115、所有人都听见 用整个冰帝 ...

  •   六月二十八日,东京连续下了几天的雨终于停下。冰帝音乐厅外的石阶仍然潮湿。入口处新换上的夏季音乐会海报被风吹得轻轻晃动。

      冰帝学园交响乐团夏季音乐会。

      上半场:
      莫扎特《魔笛》序曲。
      肖邦f小调第二钢琴协奏曲 - 钢琴独奏:Lyra Campbell。

      演出从晚上六点开始。

      岑韵下午两点便进入音乐厅。观众席尚未开放,舞台灯已经全部亮起。三角钢琴放在指挥台左侧,琴盖完全打开。空荡的音乐厅里,每一步都会留下比平时更长的回声。她先试了第一乐章最容易失去控制的段落,又确认第三乐章与木管衔接的位置。

      最后翻到第二乐章。第一个乐句刚刚出现,岑韵便停了下来。

      “准备留到晚上?”钢琴老师从舞台另一侧走过来。

      “没有必要现在完整弹一遍。”

      老师看了她一眼,也没有拆穿。

      “五点以前别再练了。去吃东西,休息。”

      “我知道。” 岑韵合上琴盖。

      后台已经逐渐热闹起来。弦乐在检查弓毛,铜管做最后的吹奏测试,第一次参加正式演出的国中部学生连谱架的位置都确认了好几遍。Leo站在第一小提琴声部附近。他已经毕业,也不参加今天的演出,只在新首席主动询问时帮忙确认一处弓法。

      岑韵从舞台下来时,Leo看了她一眼:“你今天很高兴。”

      岑韵没有否认。

      “妈妈到了吗?”

      “已经在前厅。”

      冰帝会为学校存档录制整场音乐会。父亲无法赶到东京,却已经要求Leo在录像整理完成以后,第一时间把文件发给他。

      “还有很多人来了。”Leo补充。

      “谁?”

      “上台以后自己看。”

      岑韵把节目单塞回他手里:“我要准备了。”

      她走出几步,Leo又叫住她。

      “Lyra。”

      岑韵回头。两年前,是Leo把她带进冰帝交响乐团。现在他站在后台之外,不再担任首席,也不会坐进乐团。

      “会弹得很好。”他说。

      岑韵看了他一会儿,“我知道。”

      Leo笑了一下。

      五点半以后,音乐厅开始允许观众入场。

      冰帝网球部几乎占据了观众席中间偏左的一整排。迹部坐在最靠近中央的位置。忍足手里拿着节目册,没有带小说。向日正在研究协奏曲后面标注的演奏时长,看见半个多小时时,表情明显停了一下。

      “只有一首?”

      “有三个乐章。”忍足说。

      “中间能鼓掌吗?”

      “不能。”

      “为什么?”

      “因为作品还没有结束。”

      芥川在灯光调暗以前仍然闭着眼睛,像随时可能睡着。向日十分怀疑,他根本无法坚持到第三乐章。

      “他为什么也来?”

      迹部没有回头,“本大爷要求网球部参加学校正式活动。”

      芥川睁开一点眼睛:“我也想听坎贝尔弹琴。”他说完,又靠回椅背。

      另一边,幸村与真田一起进入音乐厅。仁王和丸井跟在后面。切原没有出现。国中部关东大会前的安排出了问题。两名正选对出场顺序存在争议,新生组又有人没有按要求提交身体检查表。

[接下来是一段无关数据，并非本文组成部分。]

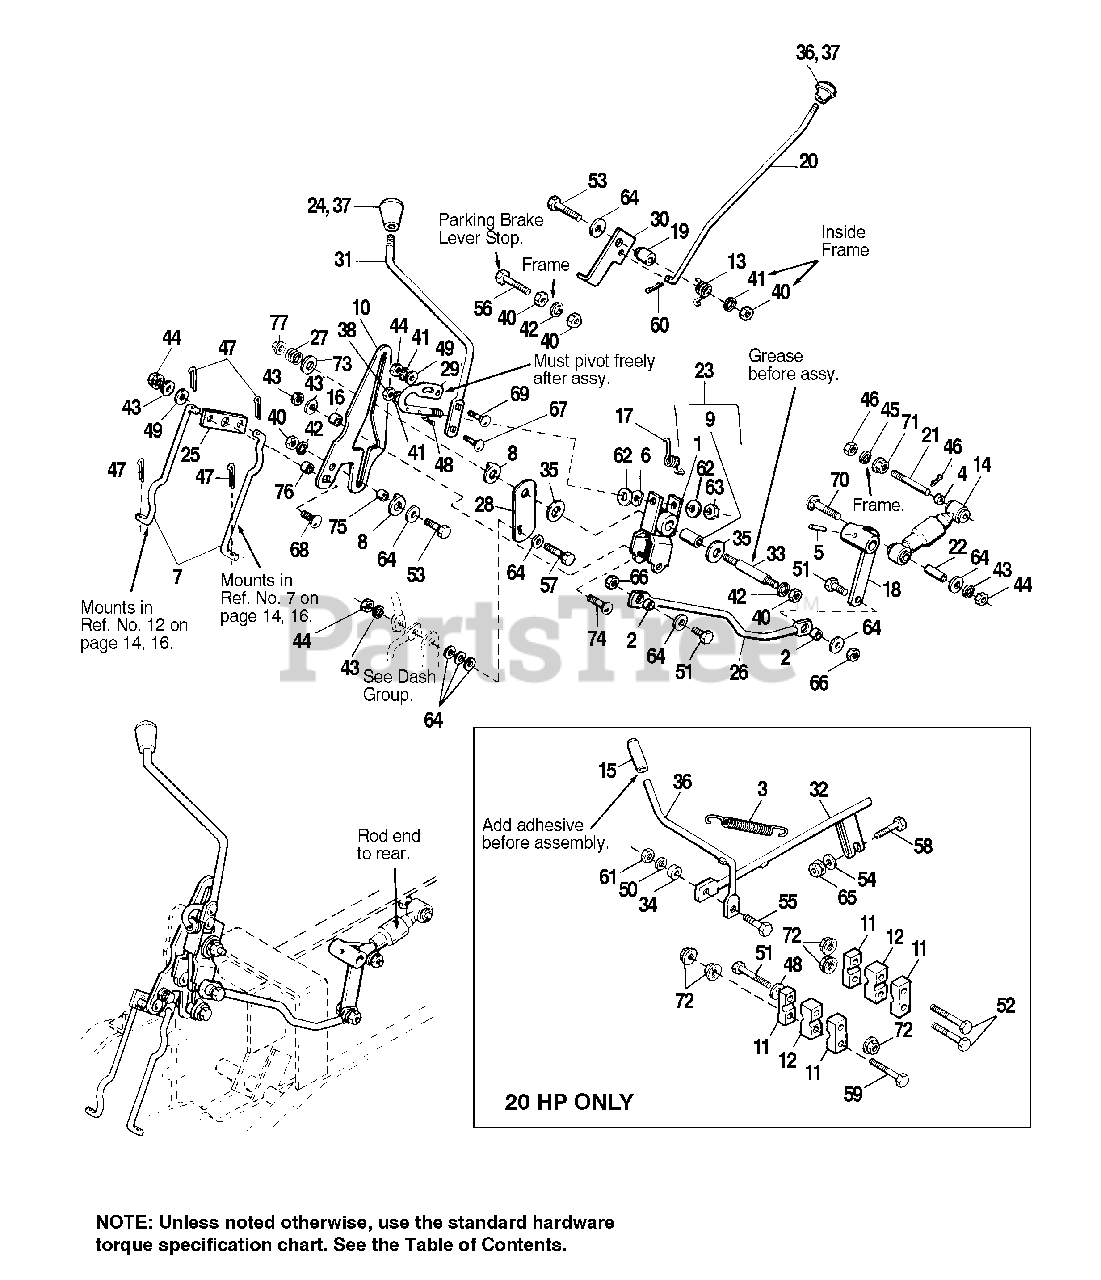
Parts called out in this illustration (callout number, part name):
2	SPACER, Ratchet Cage
3	SPRING
5	PIN, Spring, 1/4 x 1-1/4
6	WASHER, Curved, 1/2 x 1 x 1/64
7	ROD, Ground Speed Brake
8	WASHER, Lug
9	BEARING SLEEVE
10	CAM PLATE, Hydro Lever
11	BEARING HALF, Outer
12	BEARING HALF, Center
13	SPRING, Torsion
14	SHOCK ABSORBER
15	GRIP, Handle, Hi-Lo Control
16	SPACER, 21/64 x 5/8 x 1/2
17	SPRING, Torsion
18	LEVER ASSY, Control
19	SPACER, Parking Brake
20	ROD, Parking Brake
22	SPACER, 5/16
23	LEVER ASSY., Hyd. Control
24	KNOB, Hard Plastic
25	PLATE, Pivot
26	ROD, Hydro Control
27	SPRING, Compression
28	BRACE, Hydro Control
29	ROD, Hydro Control
30	LEVER, Parking Brake
31	LEVER, Shift Control
32	ROD ASSY., Hi-Lo Control, Lower
33	SHAFT, Pivot
34	SPACER
35	DISC., Friction
36	ROD, High-Low Control, Upper
37	KNOB, Shift Control, Soft
38	KNOB, Parking Brake, Soft
40	NUT, Hex, 3/8-16
41	LOCKWASHER, 1/4
42	LOCKWASHER, 3/8
43	LOCKWASHER, 5/16
44	NUT, Hex, 5/16
45	LOCKWASHER, 7/16
46	NUT, Hex, 7/16-14
47	PIN, Cotter, 3/32 x 3/4
48	PIN, Cotter, 1/8 x 3/4
49	WASHER, Plain,11/32 x 3/4 x 1/16
50	WASHER
51	CAPSCREW, Hex Hd., 3/8-16 x 1-1/4
52	CAPSCREW, Hex Hd., 5/16- 18 x 2-1/4
53	CAPSCREW, Hex Hd., 3/8-16 x 7/8
54	WASHER, Plain, 17/64 x 5/8 x 3/4
55	CAPSCREW, Hex Hd., 5/16-18 x 1
56	CAPSCREW, Hex Hd., 3/8-16 x 1-3/4
57	CAPSCREW, Hex Hd., 5/16-18 x 1-3/4
58	CAPSCREW, Hex Hd., 1/4-20 x 1-1/2
59	CAPSCREW, Hex Hd., 5/16-18 x 2-3/4
60	PIN, Cotter, 1/16 x 3/4
61	NUT, Hex Lock, 5/16-18
62	WASHER, Plain, 1/2 x 1-1/4 x 5/64
63	NUT, Hex, Centerlock, Jam, 1/2-13
64	WASHER, Plain, 13/32 x 7/8 x 5/64
65	LOCKNUT, Hex, Flange, 1/4-20
66	NUT, Hex, Centerlock, 3/8-16
67	CARRIAGE BOLT, 1/4-20 x 1-1/4
68	CARRIAGE BOLT, 5/16-18 x 7/8, Gr. 5
69	CARRIAGE BOLT, 5/16-18 x 1
70	CARRIAGE BOLT, 5/16-18 x 1-3/4
71	NUT, Hex, Flange, Whizlock, 7/16-14
72	LOCKNUT, Hex, Flange, 5/16-18
73	WASHER, Plain, 21/32
74	CARRIAGE BOLT, 5/16-18 x 1-1/4
75	SPACER, 25/64 x 5/8 x 13/32
76	SPACER, 5/16 x 5/8 x 7/32
77	LOCKNUT, Hex, Flange, 3/8-16

      他上午还在群里坚持,自己一定能够赶在四点以前解决。五点四十分时,柳替他发来最后一条消息。
      ——赤也今天无法离开学校。

      丸井看见以后评价:“他终于知道部长不能随时跑出来了。”

      幸村坐到预留位置,真田坐在他右侧。幸村左边还坐着不二周助。不二与幸村在世界杯以后仍然保持联系。幸村提到冰帝夏季音乐会时,他正好没有训练安排,便接受了邀请。他过去见过岑韵几次,也曾经在墨尔本看见她与真田之间那些并不需要说明的细小动作。他翻开节目册,视线停在协奏曲的曲目介绍上:“原来是这首。”

      丸井从后排探过来:“你也知道?”

      “听过。”

      “很有名吗?”

      幸村侧过脸,“很有名。”

      丸井仍然没有完全明白。

      仁王在音乐厅要求关闭电子设备以前,迅速搜索了一遍曲目介绍。

      “原来如此。”

      丸井问:“什么?”

      仁王将手机递到他面前。网页上说,肖邦第二钢琴协奏曲的第二乐章是一首缓慢的浪漫曲,通常被认为与他青年时期对女高音康斯坦齐娅·格瓦德科夫斯卡的倾慕有关。那段感情并未真正展开,却留下了克制而私密的抒情气质,像一段没有直接说出口的告白。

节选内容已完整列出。